Follow-up and Final Diagnosis:

A single, parathyroid mass was identified and removed at time of exploratory surgery. Results of histopathology confirmed parathyroid adenoma.

The dog developed iatrogenic hypoparathyroidism and hypocalcemia during the immediate post-operative period. But now, 2 months after surgery, the serum calcium concentration is normal without any calcium or vitamin D supplementation.

Thursday, February 10, 2011

Test for Parathyroid Hormone Related Protein (PTHrP) No Longer Available

The Diagnostic Center for Population and Animal Health (DCPAH) at Michigan State University recently announced that the reagent for their parathyroid hormone related protein assay (PTHrP) is no longer available.

Currently, Michigan State University's DCPAH is the only laboratory that offers this particular test used in the workup for dogs and cats with hypercalcemia. They are looking in other assay reagents and will hopefully will be have this important assay up and running again soon.

See the DCPAH website at www.animalhealth.msu.edu for more information.

Q & A: PTH Assay Not Currently Available: Alternatives for Workup of Hypercalcemia?

I have a 12 year, F/S, Shih Tzu with hypercalcemia. A tumor search (lymph node aspirates, rectal exam, chest and abdominal radiographs) have revealed nothing so far. I sent a PTH, iCa, to the Michigan State Endocrine Laboratory (part of the Diagnostic Center for Population and Animal Health). After two weeks of waiting, I just received notification that the lab can't run the PTH due to unavailability of the reagents and may not be able to run the test for several weeks.
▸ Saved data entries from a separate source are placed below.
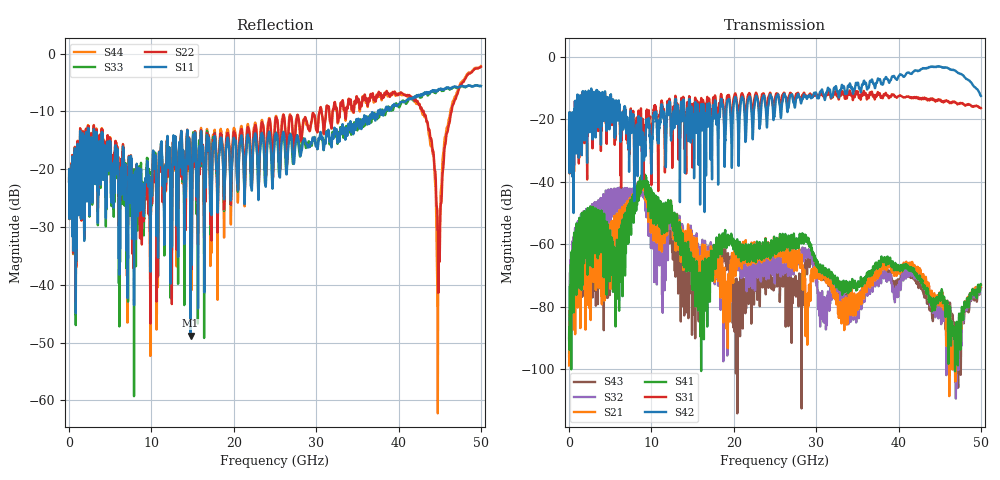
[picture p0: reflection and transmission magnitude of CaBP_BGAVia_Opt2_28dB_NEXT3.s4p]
!* Samtec Inc. NovaRay Examax Flyover System  *
!*  REV DATE  = 08/08/18  *
!*  TYPE  = TOUCHSTONE  *
!*  PORTS  = 4 port  *
!*  UNITS  = GHz  *
!*  DATA RANGE = DC  to 50 GHz; 10 MHz Step  *
!*  PARAMETER  = S  *
!*  FORMAT  = Real-Imaginary  *
!*  REFERENCE  = 50 ohms  *
!*  SOURCE  = HFSS  *
!*  VALIDATED  = No  *
!*  MANUFACTURER = SAMTEC  *
!*  INTERCONNECT = NVAx to EBCx to EBCx to NVAx  *
!*  [Full Channel NVAx to EBCx to EBCx to NVAx  with PCB Trace and BGA Via]  *
!*  BOUNDARY A  = Silicon BGA Ball Pad  *
!*  BOUNDARY B  = Silicon BGA Ball Pad  *
!*  NVAx (end a) ->>- (end b) NVAx  *
!*  Port 01 ->>- Port 02  *
!*  Port 03 ->>- Port 04  *
!***************************** CHANNEL MODEL ******************************************
# GHz S RI R 50
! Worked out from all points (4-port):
!   5000 points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, 10 MHz to 50 GHz, reference 50 ohm
!   strongest paths, dB at 10 MHz, 12.51 GHz, 25.01 GHz, 37.51 GHz, 50 GHz:
!     S42: -23.1, -21.4, -16.6, -6.9, -12.5
!     S31: -23.1, -28.5, -13.0, -11.3, -16.4
!     S41: -90.1, -51.8, -60.6, -66.8, -72.9
!     S21: -98.8, -51.3, -61.9, -69.9, -73.0
!     S32: -90.6, -51.4, -67.5, -71.9, -73.7
!     S43: -95.9, -61.2, -68.9, -68.8, -73.7
!   lowest |S11| = -48.8 dB at 14.75 GHz (marker M1), VSWR 1.01, Z = 49.7 - j0.221 ohm
!   |S11| at or under -10 dB: start of sweep to 37.51 GHz; 37.83997 GHz to 38.00552 GHz (165.6 MHz wide, 0.437 % of centre); 38.04261 GHz to 38.22467 GHz (182.1 MHz wide, 0.477 % of centre)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
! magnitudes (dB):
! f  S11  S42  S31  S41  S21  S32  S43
! 10 MHz  -22.1  -23.1  -23.1  -90.1  -98.8  -90.6  -95.9
! 8.94 GHz  -22.9  -25.6  -20.4  -37.3  -38.9  -42.3  -38.1
! 14.75 GHz  -48.8  -22.5  -22.0  -62.8  -55.8  -54.4  -65.8
! 18.97 GHz  -19.7  -26.7  -18.7  -55.6  -72.3  -76.9  -60.7
! 40.76 GHz  -8.3  -6.1  -12.9  -67.0  -66.7  -68.0  -69.6
! 44.81 GHz  -6.3  -3.1  -13.6  -78.4  -79.2  -83.4  -80.4
! 50 GHz  -5.6  -12.5  -16.4  -72.9  -73.0  -73.7  -73.7
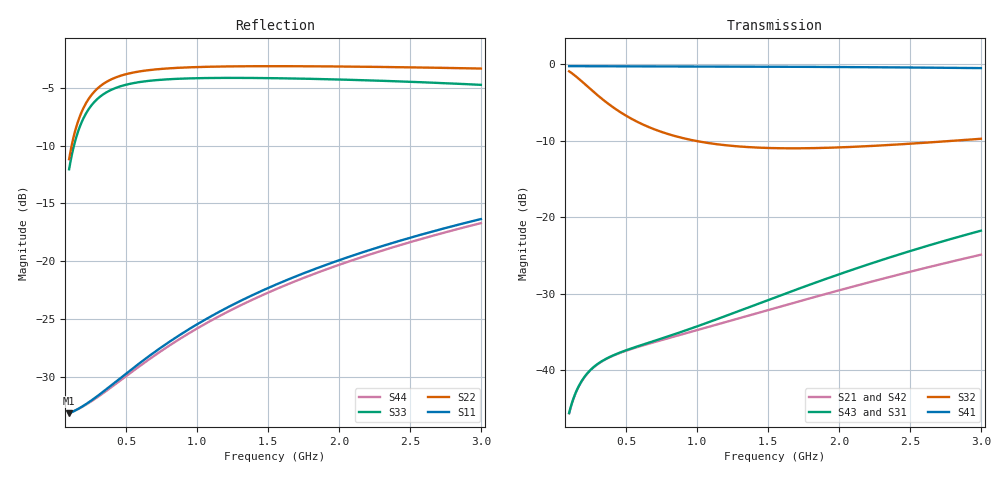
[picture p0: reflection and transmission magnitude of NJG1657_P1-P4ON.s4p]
! NJG1657MD7(1bit control high power DPDT switch) S-parameter
! VDD=2.85V, VCTL(H)=2.6V, VCTL(L)=0V
! P1-P4 ON mode
! Port1...P1, Port2...P2, Port3...P3, Port4...P4
# hz S ma R 50
! 4 Port Network Data from SP1.SP block
! freq  magS11  angS11  magS12  angS12  magS13  angS13  magS14  angS14
!  magS21  angS21  magS22  angS22  magS23  angS23  magS24  angS24
!  magS31  angS31  magS32  angS32  magS33  angS33  magS34  angS34
!  magS41  angS41  magS42  angS42  magS43  angS43  magS44  angS44
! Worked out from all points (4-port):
!   291 points, 100 MHz to 3 GHz, reference 50 ohm
!   strongest paths, dB at 100 MHz, 820 MHz, 1.55 GHz, 2.28 GHz, 3 GHz:
!     S41: -0.2, -0.3, -0.3, -0.4, -0.5
!     S32: -0.9, -9.2, -11.0, -10.6, -9.7
!     S43: -45.6, -35.4, -30.5, -25.7, -21.7
!     S31: -45.6, -35.5, -30.6, -25.9, -21.9
!     S21: -45.6, -35.7, -31.9, -28.2, -24.9
!     S42: -45.6, -35.7, -31.9, -28.3, -25.1
!   lowest |S11| = -33.2 dB at 100 MHz (marker M1), VSWR 1.04, Z = 52.2 - j0.538 ohm
!   |S11| at or under -10 dB: start of sweep to end of sweep
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1e8  0.02191 -13.6  0.005244 66.1  0.005258 67.1  0.972 -1.3
     0.005244 66.1  0.2767 -109.4  0.8997 -17.2  0.005261 66.1
     0.005258 67.1  0.8997 -17.2  0.2502 -109.7  0.005266 67.1
     0.972 -1.3  0.005261 66.1  0.005266 67.1  0.02196 -13.4
1.7e8  0.02301 -22.4  0.00793 59.7  0.007947 61.4  0.9717 -2.2
       0.00793 59.7  0.4152 -124.7  0.8013 -26.2  0.007956 59.6
       0.007947 61.4  0.8013 -26.2  0.3749 -125.7  0.007959 61.2
       0.9717 -2.2  0.007956 59.6  0.007959 61.2  0.02297 -22.1
2.8e8  0.0255 -34.7  0.01061 52.5  0.01063 55.5  0.9713 -3.7
       0.01061 52.5  0.5449 -141.0  0.6516 -34.5  0.01065 52.4
       0.01063 55.5  0.6516 -34.5  0.4914 -143.0  0.01065 55.2
       0.9713 -3.7  0.01065 52.4  0.01065 55.2  0.02524 -34.5
4.6e8  0.03109 -50.3  0.01303 48.9  0.01306 54.0  0.9707 -6.0
       0.01303 48.9  0.6355 -156.8  0.4871 -38.6  0.01307 48.7
       0.01306 54.0  0.4871 -38.6  0.5722 -160.1  0.0131 53.5
       0.9707 -6.0  0.01307 48.7  0.0131 53.5  0.03038 -50.7
7.1e8  0.04069 -65.1  0.01539 51.1  0.01561 59.6  0.9697 -9.2
       0.01539 51.1  0.6777 -168.9  0.373 -36.3  0.01542 50.8
       0.01561 59.6  0.373 -36.3  0.6086 -174.1  0.0157 58.7
       0.9697 -9.2  0.01542 50.8  0.0157 58.7  0.0393 -66.7
1.52e9  0.07737 -91.0  0.02505 64.0  0.02887 80.4  0.9645 -19.8
        0.02505 64.0  0.6999 171.7  0.2836 -22.1  0.02497 63.4
        0.02887 80.4  0.2836 -22.1  0.6211 160.6  0.02925 78.1
        0.9645 -19.8  0.02497 63.4  0.02925 78.1  0.0739 -96.6
3e9  0.1522 -118.8  0.05699 67.6  0.08012 84.1  0.9442 -39.3
     0.05699 67.6  0.6836 150.4  0.3261 -15.2  0.05563 66.2
     0.08012 84.1  0.3261 -15.2  0.5809 126.9  0.08179 79.0
     0.9442 -39.3  0.05563 66.2  0.08179 79.0  0.1462 -130.5

Are there any alternatives to confirming the diagnosis of primary hyperparathyroidism? Are there other veterinary laboratories that run PTH?

My Response:

The only other thing to consider diagnostically while waiting for the PTH result would be cervical ultrasound by an experienced sonographer armed with the proper transducer. If a large parathyroid mass mass is identified, that would be pretty decent presumptive evidence of primary hyperparathyroidism

If you haven't already done so, I'd repeat the total calcium and confirm the hypercalcemia by also measuring an ionized calcium. It is possible to have a high total calcium with a normal ionized calcium value. If that's the case, it's probably nothing to worry about. If the dog ill or showing any renal compromise? If the dog is stable, I'd just be patient. There's usually no need to rush to treatment if the underlying cause of the hypercalcemia is a parathyroid tumor.

Update: 
We just got notification from the Michigan State Endocrine Laboratory that they received the PTH reagents and that all back ordered test results would be available soon. So the good news is the the PTH assay is back up and running. See the link below for more information.
www.animalhealth.msu.edu/News/Announcements.php#85

It turns out that all of the commercial laboratories (Antech and Idexx), as well as most (if not all of the veterinary labs (e.g., Cornell, CSU, UC-Davis, Minnesota, Auburn, and Tennessee) all send their PTH samples to the Michigan State Endocrine Laboratory.